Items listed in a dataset
[Start of section]
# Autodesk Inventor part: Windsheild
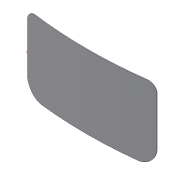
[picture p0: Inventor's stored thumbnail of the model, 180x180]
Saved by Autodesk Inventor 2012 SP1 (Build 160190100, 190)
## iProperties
Created: 2006-03
Part Number: Windsheild
Document SubType Name: Modeling
Mass: 10067 g
Surface Area: 25523.6 cm^2
Volume: 10067 cm^3
Density: 1 g/cm^3
Material: Default
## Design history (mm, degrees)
sketch "Sketch1"
  geometry: L1 (0, 6443.43)-(0, -556.57) reference; L2 (-900, 0)-(1200, 0) reference; A1 r 5000 centre (0, 4943.43) between (-750, 0) and (750, 0); 1 further point
  constraints: 3 point on line, 2 point on circle, 1 centre point
  dimensions: "d0" = 1500 distance of A1.end A1.start; "d2" = 5000 radius of A1
workplane "Work Plane1"
sketch "Sketch2"
  geometry: L1 (-4, 425)-(4, 425); L2 (4, 425)-(4, -425); L3 (4, -425)-(-4, -425); L4 (-4, -425)-(-4, 425); L5 (-4, 425)-(4, -425); 3 further points
  constraints: 10 end point, 2 parallel, 1 coincident, 1 horizontal, 1 midpoint, 1 perpendicular
  dimensions: "d3" = 8 distance of L1.start L1.end; "d4" = 850 distance of L1.end L2.end
sweep "Sweep1" sketch "Sketch2" dims "d5" = 0
fillet "Fillet1" dims "d6" = 100
fillet "Fillet2" dims "d7" = 200
body "Solid1"
[End of section]
TASK PROMPT.
Answer only with how many lines in the records include "Inventor".

OUTPUT FOR THIS TASK.
3